**Data for the task**

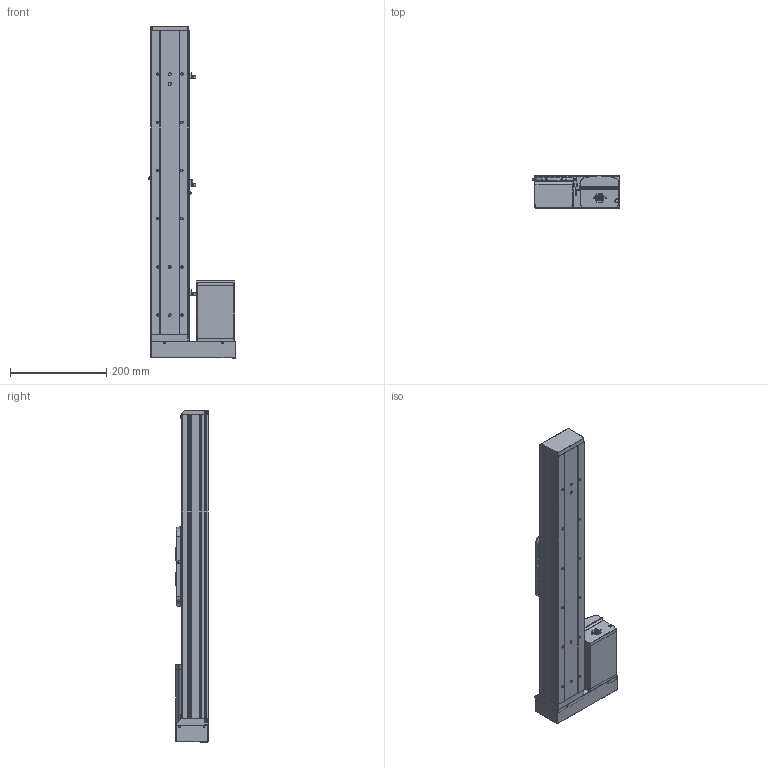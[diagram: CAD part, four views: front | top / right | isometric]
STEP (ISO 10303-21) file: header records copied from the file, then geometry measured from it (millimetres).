
FILE_DESCRIPTION (( 'STEP AP203' ), '1' );
FILE_NAME ('GERC80-450-NLXD.STEP', '2020-05-22T04:53:45', ( '' ), ( '' ), 'SwSTEP 2.0', 'SolidWorks 2019', '' );
FILE_SCHEMA (( 'CONFIG_CONTROL_DESIGN' ));
Length unit declared in the file: millimetre
Products named in the file (3): Group1^GERC80-450-NLXD_defeature_GMT; Group2^GERC80-450-NLXD_defeature_GMT; GERC80-450-NLXD
Assembly tree (2 placements, depth 2):
  GERC80-450-NLXD
    Group1^GERC80-450-NLXD_defeature_GMT
    Group2^GERC80-450-NLXD_defeature_GMT
Bounding box: 182 x 67.5 x 689 mm (x, y, z)
Volume: 2238714.6 mm3; surface area: 650593.8 mm2
Topology: 37 solids, 37 shells, 4204 faces, 11126 edges, 6980 vertices
Faces by surface type: plane 1481, cylinder 1235, cone 1006, bspline 256, torus 134, sphere 92
Entity records: 156317 total; most frequent: CARTESIAN_POINT 52486, DIRECTION 22234, ORIENTED_EDGE 21926, EDGE_CURVE 10963, AXIS2_PLACEMENT_3D 8478, VERTEX_POINT 6910, VECTOR 5278, LINE 5278

**What is required**
What you write should match, character for character, the lines from the one with "Faces by surface" to the end of the data, both included.

**Written solution**
Faces by surface type: plane 1481, cylinder 1235, cone 1006, bspline 256, torus 134, sphere 92
Entity records: 156317 total; most frequent: CARTESIAN_POINT 52486, DIRECTION 22234, ORIENTED_EDGE 21926, EDGE_CURVE 10963, AXIS2_PLACEMENT_3D 8478, VERTEX_POINT 6910, VECTOR 5278, LINE 5278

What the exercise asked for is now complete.